In this way, “Old Jenna” feels trapped between reiterating the basic thrust of last week’s episode and introducing new conflicts that will pay off as the season comes to a close—conflicts that take on little meaning in this episode. In the case of Jenna’s new friend Bailey, it felt like a case where the character’s purpose will become clearer in subsequent episodes, as it’s difficult to imagine her existing solely as a backup buddy and scene partner for Jenna in this episode. In the case of Hunter, though, the show seems to be seeding something a bit more insidious: I’m struggling to see the Hunter who offers Jenna an extra blanket wearing Matty’s T-shirt as a Hunter who passed out drunk, and thus I would question whether Matty is being completely honest with Jenna in that moment.

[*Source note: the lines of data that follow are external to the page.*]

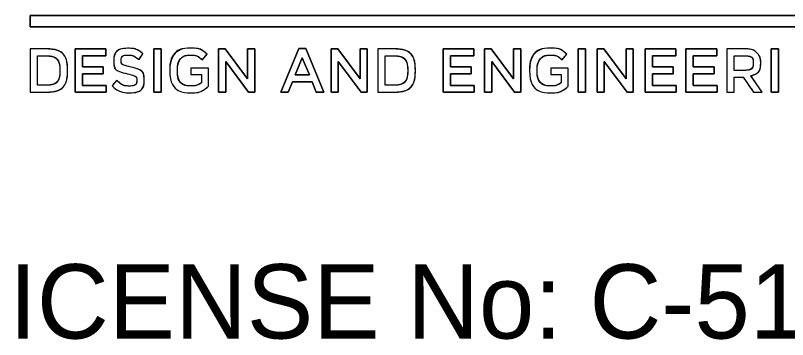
# Model space of a CAD drawing. Extents: x 1674550 to 1676250, y 1328139 to 1330492.
# Drawn here: x 1676168.88 to 1676209.45, y 1329059.45 to 1329076.5 of the extents above; entities that cross this region are included whole.
import ezdxf

# ---------------------------------------------------------------- set-up
doc = ezdxf.new("R2010")
doc.units = 0
doc.layers.add('Sheet Plan CELL', color=7, linetype='Continuous')

msp = doc.modelspace()

# ---------------------------------------------------------------- linework, layer by layer
at = {"layer": 'Sheet Plan CELL'}
for p, q in [((1676175.371, 1329074.182), (1676175.577, 1329074.484)), ((1676178.701, 1329074.166), (1676178.943, 1329074.467)), ((1676197.607, 1329074.166), (1676197.85, 1329074.467)), ((1676174.042, 1329074.11), (1676174.042, 1329074.104)), ((1676174.425, 1329074.14), (1676174.425, 1329074.146)), ((1676207.647, 1329073.997), (1676207.647, 1329073.99)), ((1676208.036, 1329074.013), (1676208.036, 1329074.02)), ((1676171.214, 1329073.601), (1676171.214, 1329073.595)), ((1676171.616, 1329073.601), (1676171.616, 1329073.607)), ((1676176.983, 1329073.601), (1676176.983, 1329073.595)), ((1676177.384, 1329073.601), (1676177.384, 1329073.607)), ((1676189.488, 1329073.601), (1676189.488, 1329073.595)), ((1676189.89, 1329073.601), (1676189.89, 1329073.607)), ((1676195.889, 1329073.601), (1676195.889, 1329073.595)), ((1676196.29, 1329073.601), (1676196.29, 1329073.607)), ((1676174.185, 1329073.082), (1676173.955, 1329072.796)), ((1676175.259, 1329073.079), (1676175.259, 1329073.072)), ((1676175.642, 1329073.111), (1676175.642, 1329073.118))]:
    msp.add_line(p, q, dxfattribs=at)
for points in [[(1676230.5, 1329075.895), (1676169.657, 1329075.895), (1676169.657, 1329076.499), (1676230.5, 1329076.499), (1676230.5, 1329075.895)], [(1676230.5, 1329076.499), (1676169.657, 1329076.499), (1676169.657, 1329075.895), (1676230.5, 1329075.895), (1676230.5, 1329076.499)], [(1676183.775, 1329074.753), (1676184.13, 1329074.753), (1676185.089, 1329072.465), (1676184.684, 1329072.465), (1676184.463, 1329073.014), (1676183.433, 1329073.014), (1676183.209, 1329072.465), (1676182.817, 1329072.465), (1676183.775, 1329074.753)], [(1676182.817, 1329072.465), (1676183.209, 1329072.465), (1676183.433, 1329073.014), (1676184.463, 1329073.014), (1676184.684, 1329072.465), (1676185.089, 1329072.465), (1676184.13, 1329074.753), (1676183.775, 1329074.753), (1676182.817, 1329072.465)], [(1676170.458, 1329074.737), (1676169.646, 1329074.737), (1676169.646, 1329072.465), (1676170.458, 1329072.465)], [(1676170.458, 1329072.829), (1676170.029, 1329072.829), (1676170.029, 1329074.373), (1676170.458, 1329074.373)], [(1676172.017, 1329074.737), (1676173.632, 1329074.737), (1676173.632, 1329074.38), (1676172.399, 1329074.38), (1676172.399, 1329073.789), (1676173.492, 1329073.789), (1676173.492, 1329073.432), (1676172.399, 1329073.432), (1676172.399, 1329072.822), (1676173.647, 1329072.822), (1676173.647, 1329072.465), (1676172.017, 1329072.465), (1676172.017, 1329074.737)], [(1676172.017, 1329072.465), (1676173.647, 1329072.465), (1676173.647, 1329072.822), (1676172.399, 1329072.822), (1676172.399, 1329073.432), (1676173.492, 1329073.432), (1676173.492, 1329073.789), (1676172.399, 1329073.789), (1676172.399, 1329074.38), (1676173.632, 1329074.38), (1676173.632, 1329074.737), (1676172.017, 1329074.737), (1676172.017, 1329072.465)], [(1676176.145, 1329074.737), (1676176.528, 1329074.737), (1676176.528, 1329072.465), (1676176.145, 1329072.465), (1676176.145, 1329074.737)], [(1676176.145, 1329072.465), (1676176.528, 1329072.465), (1676176.528, 1329074.737), (1676176.145, 1329074.737), (1676176.145, 1329072.465)], [(1676179.55, 1329074.737), (1676179.904, 1329074.737), (1676181.072, 1329073.166), (1676181.072, 1329074.737), (1676181.448, 1329074.737), (1676181.448, 1329072.465), (1676181.127, 1329072.465), (1676179.926, 1329074.081), (1676179.926, 1329072.465), (1676179.55, 1329072.465), (1676179.55, 1329074.737)], [(1676179.55, 1329072.465), (1676179.926, 1329072.465), (1676179.926, 1329074.081), (1676181.127, 1329072.465), (1676181.448, 1329072.465), (1676181.448, 1329074.737), (1676181.072, 1329074.737), (1676181.072, 1329073.166), (1676179.904, 1329074.737), (1676179.55, 1329074.737), (1676179.55, 1329072.465)], [(1676185.462, 1329074.737), (1676185.817, 1329074.737), (1676186.983, 1329073.166), (1676186.983, 1329074.737), (1676187.36, 1329074.737), (1676187.36, 1329072.465), (1676187.04, 1329072.465), (1676185.838, 1329074.081), (1676185.838, 1329072.465), (1676185.462, 1329072.465), (1676185.462, 1329074.737)], [(1676185.462, 1329072.465), (1676185.838, 1329072.465), (1676185.838, 1329074.081), (1676187.04, 1329072.465), (1676187.36, 1329072.465), (1676187.36, 1329074.737), (1676186.983, 1329074.737), (1676186.983, 1329073.166), (1676185.817, 1329074.737), (1676185.462, 1329074.737), (1676185.462, 1329072.465)], [(1676188.732, 1329074.737), (1676187.92, 1329074.737), (1676187.92, 1329072.465), (1676188.732, 1329072.465)], [(1676188.732, 1329072.829), (1676188.303, 1329072.829), (1676188.303, 1329074.373), (1676188.732, 1329074.373)], [(1676191.349, 1329074.737), (1676192.964, 1329074.737), (1676192.964, 1329074.38), (1676191.732, 1329074.38), (1676191.732, 1329073.789), (1676192.824, 1329073.789), (1676192.824, 1329073.432), (1676191.732, 1329073.432), (1676191.732, 1329072.822), (1676192.98, 1329072.822), (1676192.98, 1329072.465), (1676191.349, 1329072.465), (1676191.349, 1329074.737)], [(1676191.349, 1329072.465), (1676192.98, 1329072.465), (1676192.98, 1329072.822), (1676191.732, 1329072.822), (1676191.732, 1329073.432), (1676192.824, 1329073.432), (1676192.824, 1329073.789), (1676191.732, 1329073.789), (1676191.732, 1329074.38), (1676192.964, 1329074.38), (1676192.964, 1329074.737), (1676191.349, 1329074.737), (1676191.349, 1329072.465)], [(1676193.527, 1329074.737), (1676193.882, 1329074.737), (1676195.049, 1329073.166), (1676195.049, 1329074.737), (1676195.425, 1329074.737), (1676195.425, 1329072.465), (1676195.105, 1329072.465), (1676193.904, 1329074.081), (1676193.904, 1329072.465), (1676193.527, 1329072.465), (1676193.527, 1329074.737)], [(1676193.527, 1329072.465), (1676193.904, 1329072.465), (1676193.904, 1329074.081), (1676195.105, 1329072.465), (1676195.425, 1329072.465), (1676195.425, 1329074.737), (1676195.049, 1329074.737), (1676195.049, 1329073.166), (1676193.882, 1329074.737), (1676193.527, 1329074.737), (1676193.527, 1329072.465)], [(1676198.446, 1329074.737), (1676198.829, 1329074.737), (1676198.829, 1329072.465), (1676198.446, 1329072.465), (1676198.446, 1329074.737)], [(1676198.446, 1329072.465), (1676198.829, 1329072.465), (1676198.829, 1329074.737), (1676198.446, 1329074.737), (1676198.446, 1329072.465)], [(1676199.442, 1329074.737), (1676199.797, 1329074.737), (1676200.964, 1329073.166), (1676200.964, 1329074.737), (1676201.341, 1329074.737), (1676201.341, 1329072.465), (1676201.02, 1329072.465), (1676199.819, 1329074.081), (1676199.819, 1329072.465), (1676199.442, 1329072.465), (1676199.442, 1329074.737)], [(1676199.442, 1329072.465), (1676199.819, 1329072.465), (1676199.819, 1329074.081), (1676201.02, 1329072.465), (1676201.341, 1329072.465), (1676201.341, 1329074.737), (1676200.964, 1329074.737), (1676200.964, 1329073.166), (1676199.797, 1329074.737), (1676199.442, 1329074.737), (1676199.442, 1329072.465)], [(1676201.962, 1329074.737), (1676203.578, 1329074.737), (1676203.578, 1329074.38), (1676202.345, 1329074.38), (1676202.345, 1329073.789), (1676203.438, 1329073.789), (1676203.438, 1329073.432), (1676202.345, 1329073.432), (1676202.345, 1329072.822), (1676203.593, 1329072.822), (1676203.593, 1329072.465), (1676201.962, 1329072.465), (1676201.962, 1329074.737)], [(1676201.962, 1329072.465), (1676203.593, 1329072.465), (1676203.593, 1329072.822), (1676202.345, 1329072.822), (1676202.345, 1329073.432), (1676203.438, 1329073.432), (1676203.438, 1329073.789), (1676202.345, 1329073.789), (1676202.345, 1329074.38), (1676203.578, 1329074.38), (1676203.578, 1329074.737), (1676201.962, 1329074.737), (1676201.962, 1329072.465)], [(1676204.109, 1329074.737), (1676205.724, 1329074.737), (1676205.724, 1329074.38), (1676204.492, 1329074.38), (1676204.492, 1329073.789), (1676205.585, 1329073.789), (1676205.585, 1329073.432), (1676204.492, 1329073.432), (1676204.492, 1329072.822), (1676205.74, 1329072.822), (1676205.74, 1329072.465), (1676204.109, 1329072.465), (1676204.109, 1329074.737)], [(1676204.109, 1329072.465), (1676205.74, 1329072.465), (1676205.74, 1329072.822), (1676204.492, 1329072.822), (1676204.492, 1329073.432), (1676205.585, 1329073.432), (1676205.585, 1329073.789), (1676204.492, 1329073.789), (1676204.492, 1329074.38), (1676205.724, 1329074.38), (1676205.724, 1329074.737), (1676204.109, 1329074.737), (1676204.109, 1329072.465)], [(1676207.227, 1329074.737), (1676206.256, 1329074.737), (1676206.256, 1329072.465), (1676206.639, 1329072.465), (1676206.639, 1329073.257), (1676207.118, 1329073.257), (1676207.654, 1329072.465), (1676208.108, 1329072.465), (1676207.52, 1329073.325)], [(1676207.199, 1329073.611), (1676206.639, 1329073.611), (1676206.639, 1329074.373), (1676207.196, 1329074.373)], [(1676208.59, 1329074.737), (1676208.972, 1329074.737), (1676208.972, 1329072.465), (1676208.59, 1329072.465), (1676208.59, 1329074.737)], [(1676208.59, 1329072.465), (1676208.972, 1329072.465), (1676208.972, 1329074.737), (1676208.59, 1329074.737), (1676208.59, 1329072.465)], [(1676184.323, 1329073.367), (1676183.947, 1329074.276), (1676183.573, 1329073.367), (1676184.323, 1329073.367)], [(1676183.573, 1329073.367), (1676183.947, 1329074.276), (1676184.323, 1329073.367), (1676183.573, 1329073.367)], [(1676179.021, 1329072.78), (1676179.021, 1329073.734), (1676178.094, 1329073.734), (1676178.094, 1329073.387), (1676178.651, 1329073.387), (1676178.651, 1329072.962)], [(1676197.927, 1329072.78), (1676197.927, 1329073.734), (1676197, 1329073.734), (1676197, 1329073.387), (1676197.557, 1329073.387), (1676197.557, 1329072.962)]]:
    msp.add_lwpolyline(points, dxfattribs=at)
for points, degree in [([(1676173.955, 1329072.796), (1676173.955, 1329072.796), (1676174.185, 1329073.082), (1676174.185, 1329073.082), (1676174.394, 1329072.894), (1676174.605, 1329072.787), (1676174.873, 1329072.787), (1676175.11, 1329072.787), (1676175.259, 1329072.903), (1676175.259, 1329073.072), (1676175.259, 1329073.072), (1676175.259, 1329073.079), (1676175.259, 1329073.079), (1676175.259, 1329073.241), (1676175.172, 1329073.328), (1676174.767, 1329073.426), (1676174.304, 1329073.543), (1676174.042, 1329073.685), (1676174.042, 1329074.104), (1676174.042, 1329074.104), (1676174.042, 1329074.11), (1676174.042, 1329074.11), (1676174.042, 1329074.5), (1676174.353, 1329074.769), (1676174.786, 1329074.769), (1676175.104, 1329074.769), (1676175.356, 1329074.669), (1676175.577, 1329074.484), (1676175.577, 1329074.484), (1676175.371, 1329074.182), (1676175.371, 1329074.182), (1676175.175, 1329074.334), (1676174.979, 1329074.416), (1676174.78, 1329074.416), (1676174.556, 1329074.416), (1676174.425, 1329074.295), (1676174.425, 1329074.146), (1676174.425, 1329074.146), (1676174.425, 1329074.14), (1676174.425, 1329074.14), (1676174.425, 1329073.964), (1676174.525, 1329073.887), (1676174.945, 1329073.783), (1676175.405, 1329073.666), (1676175.642, 1329073.494), (1676175.642, 1329073.118), (1676175.642, 1329073.118), (1676175.642, 1329073.111), (1676175.642, 1329073.111), (1676175.642, 1329072.686), (1676175.321, 1329072.433), (1676174.864, 1329072.433), (1676174.531, 1329072.433), (1676174.217, 1329072.553), (1676173.955, 1329072.796)], 3), ([(1676175.577, 1329074.484), (1676175.356, 1329074.669), (1676175.104, 1329074.769), (1676174.786, 1329074.769), (1676174.353, 1329074.769), (1676174.042, 1329074.5), (1676174.042, 1329074.11)], 3), ([(1676176.983, 1329073.595), (1676176.983, 1329073.595), (1676176.983, 1329073.601), (1676176.983, 1329073.601), (1676176.983, 1329074.237), (1676177.449, 1329074.776), (1676178.106, 1329074.776), (1676178.486, 1329074.776), (1676178.719, 1329074.665), (1676178.943, 1329074.467), (1676178.943, 1329074.467), (1676178.701, 1329074.166), (1676178.701, 1329074.166), (1676178.532, 1329074.315), (1676178.368, 1329074.409), (1676178.091, 1329074.409), (1676177.689, 1329074.409), (1676177.384, 1329074.042), (1676177.384, 1329073.607), (1676177.384, 1329073.607), (1676177.384, 1329073.601), (1676177.384, 1329073.601), (1676177.384, 1329073.134), (1676177.68, 1329072.79), (1676178.125, 1329072.79), (1676178.33, 1329072.79), (1676178.517, 1329072.858), (1676178.651, 1329072.962), (1676178.651, 1329072.962), (1676178.651, 1329073.387), (1676178.651, 1329073.387), (1676178.651, 1329073.387), (1676178.094, 1329073.387), (1676178.094, 1329073.387), (1676178.094, 1329073.387), (1676178.094, 1329073.734), (1676178.094, 1329073.734), (1676178.094, 1329073.734), (1676179.021, 1329073.734), (1676179.021, 1329073.734), (1676179.021, 1329073.734), (1676179.021, 1329072.78), (1676179.021, 1329072.78), (1676178.806, 1329072.589), (1676178.498, 1329072.426), (1676178.112, 1329072.426), (1676177.431, 1329072.426), (1676176.983, 1329072.933), (1676176.983, 1329073.595)], 3), ([(1676178.943, 1329074.467), (1676178.719, 1329074.665), (1676178.486, 1329074.776), (1676178.106, 1329074.776), (1676177.449, 1329074.776), (1676176.983, 1329074.237), (1676176.983, 1329073.601)], 3), ([(1676195.889, 1329073.595), (1676195.889, 1329073.595), (1676195.889, 1329073.601), (1676195.889, 1329073.601), (1676195.889, 1329074.237), (1676196.356, 1329074.776), (1676197.012, 1329074.776), (1676197.392, 1329074.776), (1676197.625, 1329074.665), (1676197.85, 1329074.467), (1676197.85, 1329074.467), (1676197.607, 1329074.166), (1676197.607, 1329074.166), (1676197.439, 1329074.315), (1676197.274, 1329074.409), (1676196.997, 1329074.409), (1676196.595, 1329074.409), (1676196.29, 1329074.042), (1676196.29, 1329073.607), (1676196.29, 1329073.607), (1676196.29, 1329073.601), (1676196.29, 1329073.601), (1676196.29, 1329073.134), (1676196.586, 1329072.79), (1676197.031, 1329072.79), (1676197.236, 1329072.79), (1676197.423, 1329072.858), (1676197.557, 1329072.962), (1676197.557, 1329072.962), (1676197.557, 1329073.387), (1676197.557, 1329073.387), (1676197.557, 1329073.387), (1676197, 1329073.387), (1676197, 1329073.387), (1676197, 1329073.387), (1676197, 1329073.734), (1676197, 1329073.734), (1676197, 1329073.734), (1676197.927, 1329073.734), (1676197.927, 1329073.734), (1676197.927, 1329073.734), (1676197.927, 1329072.78), (1676197.927, 1329072.78), (1676197.713, 1329072.589), (1676197.404, 1329072.426), (1676197.019, 1329072.426), (1676196.337, 1329072.426), (1676195.889, 1329072.933), (1676195.889, 1329073.595)], 3), ([(1676197.85, 1329074.467), (1676197.625, 1329074.665), (1676197.392, 1329074.776), (1676197.012, 1329074.776), (1676196.356, 1329074.776), (1676195.889, 1329074.237), (1676195.889, 1329073.601)], 3), ([(1676169.646, 1329074.737), (1676169.646, 1329074.737), (1676170.458, 1329074.737), (1676170.458, 1329074.737), (1676171.143, 1329074.737), (1676171.616, 1329074.247), (1676171.616, 1329073.607), (1676171.616, 1329073.607), (1676171.616, 1329073.601), (1676171.616, 1329073.601), (1676171.616, 1329072.962), (1676171.143, 1329072.465), (1676170.458, 1329072.465), (1676170.458, 1329072.465), (1676169.646, 1329072.465), (1676169.646, 1329072.465), (1676169.646, 1329072.465), (1676169.646, 1329074.737), (1676169.646, 1329074.737)], 3), ([(1676170.029, 1329074.373), (1676170.029, 1329074.373), (1676170.029, 1329072.829), (1676170.029, 1329072.829), (1676170.029, 1329072.829), (1676170.458, 1329072.829), (1676170.458, 1329072.829), (1676170.915, 1329072.829), (1676171.214, 1329073.15), (1676171.214, 1329073.595), (1676171.214, 1329073.595), (1676171.214, 1329073.601), (1676171.214, 1329073.601), (1676171.214, 1329074.046), (1676170.915, 1329074.373), (1676170.458, 1329074.373), (1676170.458, 1329074.373), (1676170.029, 1329074.373), (1676170.029, 1329074.373)], 3), ([(1676171.616, 1329073.607), (1676171.616, 1329074.247), (1676171.143, 1329074.737), (1676170.458, 1329074.737)], 2), ([(1676170.458, 1329074.373), (1676170.915, 1329074.373), (1676171.214, 1329074.046), (1676171.214, 1329073.601)], 2), ([(1676174.425, 1329074.146), (1676174.425, 1329074.295), (1676174.556, 1329074.416), (1676174.78, 1329074.416), (1676174.979, 1329074.416), (1676175.175, 1329074.334), (1676175.371, 1329074.182)], 3), ([(1676177.384, 1329073.607), (1676177.384, 1329074.042), (1676177.689, 1329074.409), (1676178.091, 1329074.409), (1676178.368, 1329074.409), (1676178.532, 1329074.315), (1676178.701, 1329074.166)], 3), ([(1676187.92, 1329074.737), (1676187.92, 1329074.737), (1676188.732, 1329074.737), (1676188.732, 1329074.737), (1676189.417, 1329074.737), (1676189.89, 1329074.247), (1676189.89, 1329073.607), (1676189.89, 1329073.607), (1676189.89, 1329073.601), (1676189.89, 1329073.601), (1676189.89, 1329072.962), (1676189.417, 1329072.465), (1676188.732, 1329072.465), (1676188.732, 1329072.465), (1676187.92, 1329072.465), (1676187.92, 1329072.465), (1676187.92, 1329072.465), (1676187.92, 1329074.737), (1676187.92, 1329074.737)], 3), ([(1676188.303, 1329074.373), (1676188.303, 1329074.373), (1676188.303, 1329072.829), (1676188.303, 1329072.829), (1676188.303, 1329072.829), (1676188.732, 1329072.829), (1676188.732, 1329072.829), (1676189.19, 1329072.829), (1676189.488, 1329073.15), (1676189.488, 1329073.595), (1676189.488, 1329073.595), (1676189.488, 1329073.601), (1676189.488, 1329073.601), (1676189.488, 1329074.046), (1676189.19, 1329074.373), (1676188.732, 1329074.373), (1676188.732, 1329074.373), (1676188.303, 1329074.373), (1676188.303, 1329074.373)], 3), ([(1676189.89, 1329073.607), (1676189.89, 1329074.247), (1676189.417, 1329074.737), (1676188.732, 1329074.737)], 2), ([(1676188.732, 1329074.373), (1676189.19, 1329074.373), (1676189.488, 1329074.046), (1676189.488, 1329073.601)], 2), ([(1676196.29, 1329073.607), (1676196.29, 1329074.042), (1676196.595, 1329074.409), (1676196.997, 1329074.409), (1676197.274, 1329074.409), (1676197.439, 1329074.315), (1676197.607, 1329074.166)], 3), ([(1676206.256, 1329074.737), (1676206.256, 1329074.737), (1676207.227, 1329074.737), (1676207.227, 1329074.737), (1676207.501, 1329074.737), (1676207.716, 1329074.652), (1676207.856, 1329074.51), (1676207.971, 1329074.386), (1676208.036, 1329074.218), (1676208.036, 1329074.02), (1676208.036, 1329074.02), (1676208.036, 1329074.013), (1676208.036, 1329074.013), (1676208.036, 1329073.64), (1676207.822, 1329073.416), (1676207.52, 1329073.325), (1676207.52, 1329073.325), (1676208.108, 1329072.465), (1676208.108, 1329072.465), (1676208.108, 1329072.465), (1676207.654, 1329072.465), (1676207.654, 1329072.465), (1676207.654, 1329072.465), (1676207.118, 1329073.257), (1676207.118, 1329073.257), (1676207.118, 1329073.257), (1676206.639, 1329073.257), (1676206.639, 1329073.257), (1676206.639, 1329073.257), (1676206.639, 1329072.465), (1676206.639, 1329072.465), (1676206.639, 1329072.465), (1676206.256, 1329072.465), (1676206.256, 1329072.465), (1676206.256, 1329072.465), (1676206.256, 1329074.737), (1676206.256, 1329074.737)], 3), ([(1676207.199, 1329073.611), (1676207.473, 1329073.611), (1676207.647, 1329073.76), (1676207.647, 1329073.99), (1676207.647, 1329073.99), (1676207.647, 1329073.997), (1676207.647, 1329073.997), (1676207.647, 1329074.24), (1676207.479, 1329074.373), (1676207.196, 1329074.373), (1676207.196, 1329074.373), (1676206.639, 1329074.373), (1676206.639, 1329074.373), (1676206.639, 1329074.373), (1676206.639, 1329073.611), (1676206.639, 1329073.611), (1676206.639, 1329073.611), (1676207.199, 1329073.611), (1676207.199, 1329073.611)], 3), ([(1676207.196, 1329074.373), (1676207.479, 1329074.373), (1676207.647, 1329074.24), (1676207.647, 1329073.997)], 2), ([(1676208.036, 1329074.02), (1676208.036, 1329074.218), (1676207.971, 1329074.386), (1676207.856, 1329074.51), (1676207.716, 1329074.652), (1676207.501, 1329074.737), (1676207.227, 1329074.737)], 3), ([(1676174.042, 1329074.104), (1676174.042, 1329073.685), (1676174.304, 1329073.543), (1676174.767, 1329073.426), (1676175.172, 1329073.328), (1676175.259, 1329073.241), (1676175.259, 1329073.079)], 3), ([(1676175.642, 1329073.118), (1676175.642, 1329073.494), (1676175.405, 1329073.666), (1676174.945, 1329073.783), (1676174.525, 1329073.887), (1676174.425, 1329073.964), (1676174.425, 1329074.14)], 3), ([(1676207.647, 1329073.99), (1676207.647, 1329073.76), (1676207.473, 1329073.611), (1676207.199, 1329073.611)], 2), ([(1676207.52, 1329073.325), (1676207.822, 1329073.416), (1676208.036, 1329073.64), (1676208.036, 1329074.013)], 2), ([(1676170.458, 1329072.465), (1676171.143, 1329072.465), (1676171.616, 1329072.962), (1676171.616, 1329073.601)], 2), ([(1676171.214, 1329073.595), (1676171.214, 1329073.15), (1676170.915, 1329072.829), (1676170.458, 1329072.829)], 2), ([(1676176.983, 1329073.595), (1676176.983, 1329072.933), (1676177.431, 1329072.426), (1676178.112, 1329072.426), (1676178.498, 1329072.426), (1676178.806, 1329072.589), (1676179.021, 1329072.78)], 3), ([(1676178.651, 1329072.962), (1676178.517, 1329072.858), (1676178.33, 1329072.79), (1676178.125, 1329072.79), (1676177.68, 1329072.79), (1676177.384, 1329073.134), (1676177.384, 1329073.601)], 3), ([(1676188.732, 1329072.465), (1676189.417, 1329072.465), (1676189.89, 1329072.962), (1676189.89, 1329073.601)], 2), ([(1676189.488, 1329073.595), (1676189.488, 1329073.15), (1676189.19, 1329072.829), (1676188.732, 1329072.829)], 2), ([(1676195.889, 1329073.595), (1676195.889, 1329072.933), (1676196.337, 1329072.426), (1676197.019, 1329072.426), (1676197.404, 1329072.426), (1676197.713, 1329072.589), (1676197.927, 1329072.78)], 3), ([(1676197.557, 1329072.962), (1676197.423, 1329072.858), (1676197.236, 1329072.79), (1676197.031, 1329072.79), (1676196.586, 1329072.79), (1676196.29, 1329073.134), (1676196.29, 1329073.601)], 3), ([(1676173.955, 1329072.796), (1676174.217, 1329072.553), (1676174.531, 1329072.433), (1676174.864, 1329072.433), (1676175.321, 1329072.433), (1676175.642, 1329072.686), (1676175.642, 1329073.111)], 3), ([(1676175.259, 1329073.072), (1676175.259, 1329072.903), (1676175.11, 1329072.787), (1676174.873, 1329072.787), (1676174.605, 1329072.787), (1676174.394, 1329072.894), (1676174.185, 1329073.082)], 3)]:
    msp.add_open_spline(points, degree=degree, dxfattribs=at)

# ---------------------------------------------------------------- texts
msp.add_text('NC FIRM LICENSE No: C-5176', height=3.90762, rotation=360, dxfattribs=at).set_placement((1676142.426, 1329059.506))

doc.saveas('drawing.dxf')

Such questions are not discouraged by the conclusion, given that Jenna’s whole path forward involved owning her mistakes and thus owning the chaos they’ve created, and I’m encouraged by signs that Awkward. isn’t going to stop introducing complications and bring Jenna’s story to a blissful happy ending. That being said, however, this felt like a perfunctory stop along that journey, with some on-the-nose thematic work making a point I liked in ways that didn’t feel particularly satisfying.

Stray observations:

  • As with too many Sadie storylines this season, we get the basic beats—story is introduced, conflict is experienced, conflict is resolved—but get minimal resolution and she’s disconnected from the conclusion. That’s a problem the show has never quite figured out: Sadie remains too much of an antagonist to Jenna to be among those partaking in muffins in Matty’s suspiciously empty kitchen, in part because the writers gravitate towards her bitchiness as a generator of both comedy and conflict But this means she’s separated from key moments for the series as a whole.
  • Per our discussion last week, Valerie’s departure does not impact Lacey being introduced as school nurse, another storyline that felt like the show marking its page before it returns to the story later on; one presumes the writers are bringing Lacey into the school for a reason other than having teen boys ogle her while getting their swollen groins checked out.
  • I was happy to see McKaley Miller, who I know as Rose from Hart Of Dixie, pop up as Bailey, although I struggled to reconcile the intertextuality given how differently the two shows imagine teenage problems—I don’t think they have basketball brothers orgy rumors in Bluebell, is what I’m saying.
  • Hunter started as a walking, talking parallel to Jenna’s situation, and then shifted into a convenient block in Jenna’s relationship with Matty the second she talked about deflowering guys when she was a senior (my notes are basically “Oh, it’s Matty, isn’t it?”), so I had trouble accepting her as a human being at any stage in the episode.
  • We don’t get any resolution with Valerie, but the series’ other major recurring plot element is not forgotten with Jenna playing guidance counselor, texting Val in a moment of need, and Val’s attempt at guidance counseling through drive-by abduction.
  • I know Jenna’s done some terrible things lately, but muffins from a mix? This is a new low.
  • “Don’t ask, but since you already have, I’ll tell you: I’m miserable”—I’m pretty sure Tamara lecturing Jenna on not talking about herself is at least a tad ironic, although I enjoyed the meta-commentary on her voiceover breaks embedded in their probation (which was similar to how Scrubs dealt with how J.D.’s fantasies were experienced by his co-workers).